Micron-Nanometer Rare Earth Vanadate Phosphors By In-situ Construction Of Hybrid Precursors

In this paper, we put forward a novel optimized synthesis of rare earth vanadates through in-situ chemical precipitation reactions. Among rare earth coordination polymers with aromatic carboxylic acids was used as the precursors of rare earth oxide components, and polyethylene glycol (PEG) and ammonium vanadate (NH₄VO₃) were composed to assemble inorganic/organic hybrid polymeric dispersing media by an in-situ chemical co-precipitation process. After the heat-treatment of the resulting multicomponent hybrid precursors, the rare earth vanadate phosphors were achieved.
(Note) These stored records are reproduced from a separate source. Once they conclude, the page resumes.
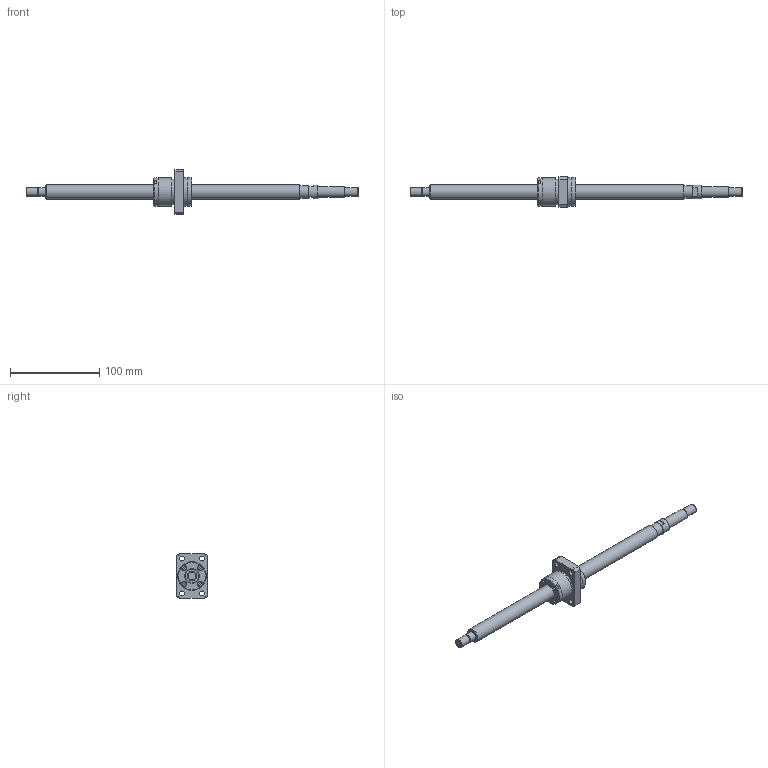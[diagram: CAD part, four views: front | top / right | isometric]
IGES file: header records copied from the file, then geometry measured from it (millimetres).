
Start section: Data from Parasolid IGES Translator 26.0.171, Copyright(c) 2006 Siemens PLM Software. All Rights Reserved.
Global section: file name: BNK1616-3.6G0+371LC5Y(1630).igs; native system: By Siemens PLM Incorporated; preprocessor: XPlus GENERIC/IGES 26.0.171; author: Noname; organization: Noname; date: 20240709.092914; units: millimetre
Bounding box: 371 x 34 x 50 mm (x, y, z)
Surface area: 29264.1 mm2 (no closed solid volume)
Topology: 0 solids, 0 shells, 139 faces, 647 edges, 588 vertices
Faces by surface type: extrusion 75, revolution 64

Most of the particles exhibit good crystal morphology and the size of the particles is in the range of micrometer or sub-micrometer.The three-dimensional sizes of crystalline grain are rather thick to afford high power, it needs to refer that the crystalline powder and micrometer dimension for these powders with high strength would be very useful for the application to obtain high efficient phosphors because these micro crystalline materials can result in the high luminescent intensities which can avoid the traps formation of excess surface area for nanometer phosphors.Four series of luminescence materials have been successfully synthesized by assembling hybrid precursor co-precipitation technology, which are LnVO₄: RE (Ln = Y, Lu; RE =Eu³⁺, Dy³⁺, Sm³⁺, Er³⁺); Y_xGd_1-xVO₄:RE and LnP_xV_1-xO₄: RE (including Y_xGd_1-xVO₄:Eu³⁺, Y_xGd_1-xVO₄:Tm³⁺, YP_xV_1-xO₄: Dy³⁺, YP_XV_1-xO₄: Eu³⁺, GdP_xV_1-xO₄: Dy³⁺ LaP_xV_1-xO₄: Dy³⁺); alkali metals and alkaline-earth metals doped vanadate phosphors (Y_0.48Dy_0.02Li_1.5VO₄, M₃Ln(VO₄)₃:RE (M = Ca, Sr, Ba; Ln = Y, Gd; RE = Eu³⁺, Dy³⁺, Er³⁺) and Pb²⁺, Bi³⁺ sensitized rare earth vanadate luminescent materials (YVO₄: Pb²⁺, Bi_xY_1-xVO₄: Eu³⁺, Bi_xY_1-xVO₄:Dy³⁺, Bi_xY_1-xVO₄:Er³⁺ ). All the phosphors exhibit the characteristic fluorescence of rare earth ions and the systems doped with different concentration of rare earth ions appear the concentration quenching phenomenon. As for the system of LnP_xV_1-xO₄: Dy³⁺, we find that the intensity ration of yellow-to-blue (Y/B) of Dy³⁺ was significantly influenced by the x value, which is that with the x value increasing, the Y/B intensity ration decreased. Besides this, Pb²⁺ and Bi³⁺ are both excellent sensitizers in the system of rare earth vanadates and efficient energy transfer can appear from Pb²⁺, Bi³⁺ to rare earth ions.